== The problem ==
Report each line from the listing that the string "color" appears in.

== Excerpted records ==
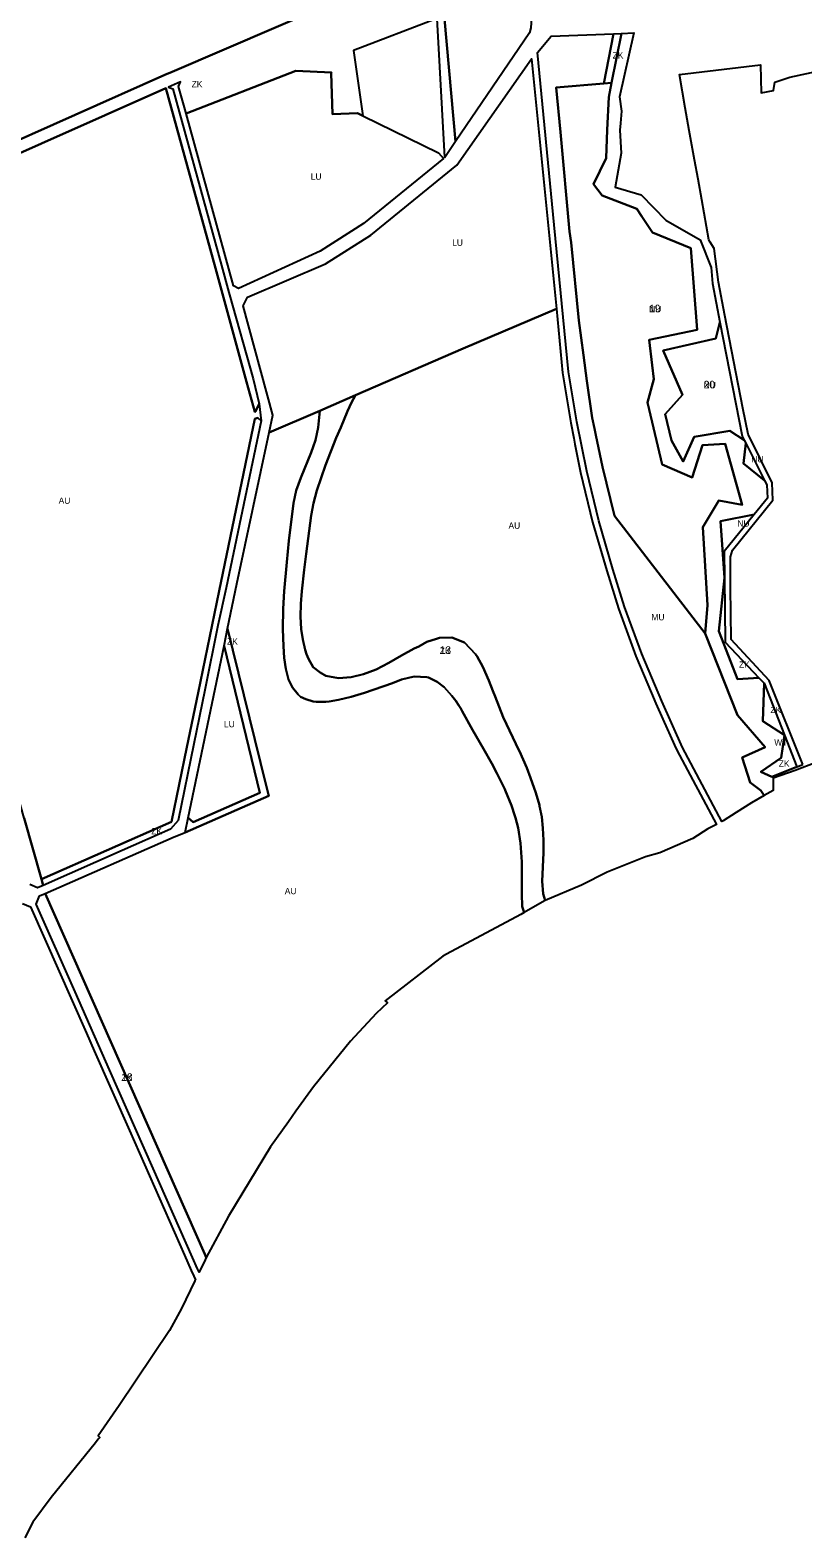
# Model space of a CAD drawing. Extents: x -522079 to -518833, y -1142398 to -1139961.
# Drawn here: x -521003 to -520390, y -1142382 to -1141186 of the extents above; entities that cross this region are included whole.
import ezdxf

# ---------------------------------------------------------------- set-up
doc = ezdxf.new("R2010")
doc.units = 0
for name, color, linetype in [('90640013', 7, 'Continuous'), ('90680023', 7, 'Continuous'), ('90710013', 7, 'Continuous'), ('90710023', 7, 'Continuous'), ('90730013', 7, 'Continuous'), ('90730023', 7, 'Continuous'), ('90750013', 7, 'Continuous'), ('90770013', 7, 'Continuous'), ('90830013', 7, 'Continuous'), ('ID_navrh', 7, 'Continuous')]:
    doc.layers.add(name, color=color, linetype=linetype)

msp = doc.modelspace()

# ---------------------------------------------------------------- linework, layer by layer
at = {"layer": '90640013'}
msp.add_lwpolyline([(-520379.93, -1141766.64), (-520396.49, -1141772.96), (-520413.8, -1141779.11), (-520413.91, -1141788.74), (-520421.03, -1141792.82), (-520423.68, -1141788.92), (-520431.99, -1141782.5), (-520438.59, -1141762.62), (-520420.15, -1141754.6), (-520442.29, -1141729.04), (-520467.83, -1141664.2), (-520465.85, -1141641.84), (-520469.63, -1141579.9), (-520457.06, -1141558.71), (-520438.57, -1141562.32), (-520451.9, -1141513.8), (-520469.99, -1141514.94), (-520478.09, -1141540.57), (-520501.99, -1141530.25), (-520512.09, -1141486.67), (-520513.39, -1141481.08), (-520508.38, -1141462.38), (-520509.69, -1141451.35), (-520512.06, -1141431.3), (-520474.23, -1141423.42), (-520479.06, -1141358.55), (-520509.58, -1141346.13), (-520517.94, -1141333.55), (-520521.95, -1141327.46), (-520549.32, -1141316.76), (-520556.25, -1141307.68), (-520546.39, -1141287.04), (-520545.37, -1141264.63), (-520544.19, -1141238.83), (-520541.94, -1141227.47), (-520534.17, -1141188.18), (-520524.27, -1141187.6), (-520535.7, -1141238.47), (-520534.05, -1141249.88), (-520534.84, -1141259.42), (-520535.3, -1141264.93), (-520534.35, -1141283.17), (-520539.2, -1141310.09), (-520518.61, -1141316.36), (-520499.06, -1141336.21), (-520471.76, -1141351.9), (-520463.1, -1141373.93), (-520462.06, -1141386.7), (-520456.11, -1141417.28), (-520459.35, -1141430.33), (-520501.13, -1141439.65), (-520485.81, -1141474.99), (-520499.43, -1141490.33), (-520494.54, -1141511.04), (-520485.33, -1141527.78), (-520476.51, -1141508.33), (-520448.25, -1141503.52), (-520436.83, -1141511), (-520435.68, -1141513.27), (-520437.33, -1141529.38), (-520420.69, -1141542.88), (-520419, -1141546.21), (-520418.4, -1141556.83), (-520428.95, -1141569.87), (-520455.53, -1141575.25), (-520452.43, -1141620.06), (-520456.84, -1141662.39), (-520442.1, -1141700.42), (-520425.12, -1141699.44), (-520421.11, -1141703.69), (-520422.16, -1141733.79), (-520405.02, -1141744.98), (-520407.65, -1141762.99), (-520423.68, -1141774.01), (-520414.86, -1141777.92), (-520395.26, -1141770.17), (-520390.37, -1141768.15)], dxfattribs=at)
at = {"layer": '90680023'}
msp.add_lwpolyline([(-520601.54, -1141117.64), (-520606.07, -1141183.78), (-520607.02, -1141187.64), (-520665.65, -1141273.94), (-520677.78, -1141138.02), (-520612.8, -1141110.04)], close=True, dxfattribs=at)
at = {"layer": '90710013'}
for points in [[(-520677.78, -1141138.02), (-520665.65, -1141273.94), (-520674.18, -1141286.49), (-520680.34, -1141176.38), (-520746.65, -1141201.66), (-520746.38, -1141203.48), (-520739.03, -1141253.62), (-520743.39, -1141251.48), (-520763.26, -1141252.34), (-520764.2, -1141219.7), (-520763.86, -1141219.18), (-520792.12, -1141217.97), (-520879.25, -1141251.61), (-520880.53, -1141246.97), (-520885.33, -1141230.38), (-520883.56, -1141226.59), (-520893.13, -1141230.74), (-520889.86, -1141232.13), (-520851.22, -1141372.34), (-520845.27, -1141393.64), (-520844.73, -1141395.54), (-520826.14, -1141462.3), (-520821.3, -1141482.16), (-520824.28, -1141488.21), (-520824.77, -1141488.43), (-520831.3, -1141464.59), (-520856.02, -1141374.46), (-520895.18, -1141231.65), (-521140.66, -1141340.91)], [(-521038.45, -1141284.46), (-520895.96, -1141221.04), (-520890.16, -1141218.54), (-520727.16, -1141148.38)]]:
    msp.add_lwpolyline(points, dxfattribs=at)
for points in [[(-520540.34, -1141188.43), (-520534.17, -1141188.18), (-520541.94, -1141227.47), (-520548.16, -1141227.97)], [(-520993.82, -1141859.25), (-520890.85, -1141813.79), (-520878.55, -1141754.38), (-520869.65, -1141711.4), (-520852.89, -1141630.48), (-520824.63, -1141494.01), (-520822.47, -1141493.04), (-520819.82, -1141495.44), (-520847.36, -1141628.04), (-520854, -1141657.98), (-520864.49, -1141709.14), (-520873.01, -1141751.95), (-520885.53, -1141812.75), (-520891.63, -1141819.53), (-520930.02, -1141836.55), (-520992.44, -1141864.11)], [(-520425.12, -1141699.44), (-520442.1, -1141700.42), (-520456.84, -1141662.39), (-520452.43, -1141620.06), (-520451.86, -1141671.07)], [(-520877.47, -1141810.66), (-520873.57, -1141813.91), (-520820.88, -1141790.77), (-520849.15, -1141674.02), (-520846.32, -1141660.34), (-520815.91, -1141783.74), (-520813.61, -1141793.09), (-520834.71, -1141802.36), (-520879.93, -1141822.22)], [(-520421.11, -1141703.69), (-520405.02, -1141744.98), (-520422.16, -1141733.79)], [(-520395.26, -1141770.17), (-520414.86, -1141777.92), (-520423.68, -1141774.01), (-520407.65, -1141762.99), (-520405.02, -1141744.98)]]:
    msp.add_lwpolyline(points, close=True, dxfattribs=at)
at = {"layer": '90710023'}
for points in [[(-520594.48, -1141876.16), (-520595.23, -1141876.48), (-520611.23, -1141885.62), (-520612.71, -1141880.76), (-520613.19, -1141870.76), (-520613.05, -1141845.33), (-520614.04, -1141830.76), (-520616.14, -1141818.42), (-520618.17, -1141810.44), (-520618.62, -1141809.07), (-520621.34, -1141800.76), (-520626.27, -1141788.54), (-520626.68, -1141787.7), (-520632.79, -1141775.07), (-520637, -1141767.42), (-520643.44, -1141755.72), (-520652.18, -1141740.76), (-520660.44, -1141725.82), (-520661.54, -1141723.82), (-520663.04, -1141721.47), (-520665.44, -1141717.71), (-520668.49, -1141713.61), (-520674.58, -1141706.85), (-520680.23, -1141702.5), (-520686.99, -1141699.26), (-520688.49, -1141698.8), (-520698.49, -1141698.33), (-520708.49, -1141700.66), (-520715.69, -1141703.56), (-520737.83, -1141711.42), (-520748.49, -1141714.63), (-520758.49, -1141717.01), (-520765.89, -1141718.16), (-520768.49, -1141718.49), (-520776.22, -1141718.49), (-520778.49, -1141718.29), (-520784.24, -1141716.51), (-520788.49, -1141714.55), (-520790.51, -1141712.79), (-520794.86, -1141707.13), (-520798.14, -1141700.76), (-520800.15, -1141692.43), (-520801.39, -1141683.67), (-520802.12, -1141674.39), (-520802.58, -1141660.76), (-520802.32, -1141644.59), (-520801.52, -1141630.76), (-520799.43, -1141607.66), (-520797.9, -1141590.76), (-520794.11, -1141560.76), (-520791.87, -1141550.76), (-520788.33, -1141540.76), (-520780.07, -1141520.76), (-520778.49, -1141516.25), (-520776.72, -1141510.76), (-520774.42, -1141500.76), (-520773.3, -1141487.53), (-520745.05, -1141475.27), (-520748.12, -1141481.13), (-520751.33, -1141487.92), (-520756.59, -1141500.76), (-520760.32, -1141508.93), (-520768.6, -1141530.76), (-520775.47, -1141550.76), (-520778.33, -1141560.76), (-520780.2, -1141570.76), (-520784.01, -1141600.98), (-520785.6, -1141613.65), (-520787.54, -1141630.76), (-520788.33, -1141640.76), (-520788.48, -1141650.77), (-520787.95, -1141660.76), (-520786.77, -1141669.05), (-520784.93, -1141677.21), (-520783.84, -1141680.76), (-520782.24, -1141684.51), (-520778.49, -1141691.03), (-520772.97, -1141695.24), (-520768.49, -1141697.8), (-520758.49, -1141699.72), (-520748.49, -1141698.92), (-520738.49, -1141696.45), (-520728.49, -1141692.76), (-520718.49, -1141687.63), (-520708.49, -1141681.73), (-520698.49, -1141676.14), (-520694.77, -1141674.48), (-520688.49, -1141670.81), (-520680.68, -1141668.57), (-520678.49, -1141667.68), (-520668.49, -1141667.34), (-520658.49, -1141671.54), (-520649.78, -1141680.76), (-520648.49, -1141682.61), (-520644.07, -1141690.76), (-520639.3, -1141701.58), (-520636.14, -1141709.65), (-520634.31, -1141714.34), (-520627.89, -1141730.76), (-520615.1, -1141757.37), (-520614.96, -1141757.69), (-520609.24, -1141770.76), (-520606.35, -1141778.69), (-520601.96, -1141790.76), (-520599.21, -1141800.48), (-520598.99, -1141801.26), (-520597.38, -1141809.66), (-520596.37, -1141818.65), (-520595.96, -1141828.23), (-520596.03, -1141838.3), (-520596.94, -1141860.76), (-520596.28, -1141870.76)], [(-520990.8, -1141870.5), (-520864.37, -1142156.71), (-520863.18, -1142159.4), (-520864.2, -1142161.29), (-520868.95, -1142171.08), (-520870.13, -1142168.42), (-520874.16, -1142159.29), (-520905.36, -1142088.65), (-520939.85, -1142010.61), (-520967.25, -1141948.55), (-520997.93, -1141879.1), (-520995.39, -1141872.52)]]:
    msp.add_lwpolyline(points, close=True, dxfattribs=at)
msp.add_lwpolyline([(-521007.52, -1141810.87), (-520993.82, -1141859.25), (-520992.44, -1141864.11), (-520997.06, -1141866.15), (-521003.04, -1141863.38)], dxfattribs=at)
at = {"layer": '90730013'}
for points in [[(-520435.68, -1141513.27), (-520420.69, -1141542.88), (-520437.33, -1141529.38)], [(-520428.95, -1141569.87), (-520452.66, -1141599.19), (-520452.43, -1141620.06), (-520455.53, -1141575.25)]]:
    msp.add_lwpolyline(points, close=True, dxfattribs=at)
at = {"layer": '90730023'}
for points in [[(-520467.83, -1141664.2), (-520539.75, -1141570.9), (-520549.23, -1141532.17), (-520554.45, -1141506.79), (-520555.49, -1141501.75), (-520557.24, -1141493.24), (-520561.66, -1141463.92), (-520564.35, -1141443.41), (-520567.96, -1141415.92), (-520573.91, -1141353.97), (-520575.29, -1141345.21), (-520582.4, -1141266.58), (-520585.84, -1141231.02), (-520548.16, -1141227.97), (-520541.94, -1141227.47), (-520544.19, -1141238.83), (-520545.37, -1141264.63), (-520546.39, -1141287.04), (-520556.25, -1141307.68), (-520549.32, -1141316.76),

== Result of the exercise ==
for name, color, linetype in [('90640013', 7, 'Continuous'), ('90680023', 7, 'Continuous'), ('90710013', 7, 'Continuous'), ('90710023', 7, 'Continuous'), ('90730013', 7, 'Continuous'), ('90730023', 7, 'Continuous'), ('90750013', 7, 'Continuous'), ('90770013', 7, 'Continuous'), ('90830013', 7, 'Continuous'), ('ID_navrh', 7, 'Continuous')]:
    doc.layers.add(name, color=color, linetype=linetype)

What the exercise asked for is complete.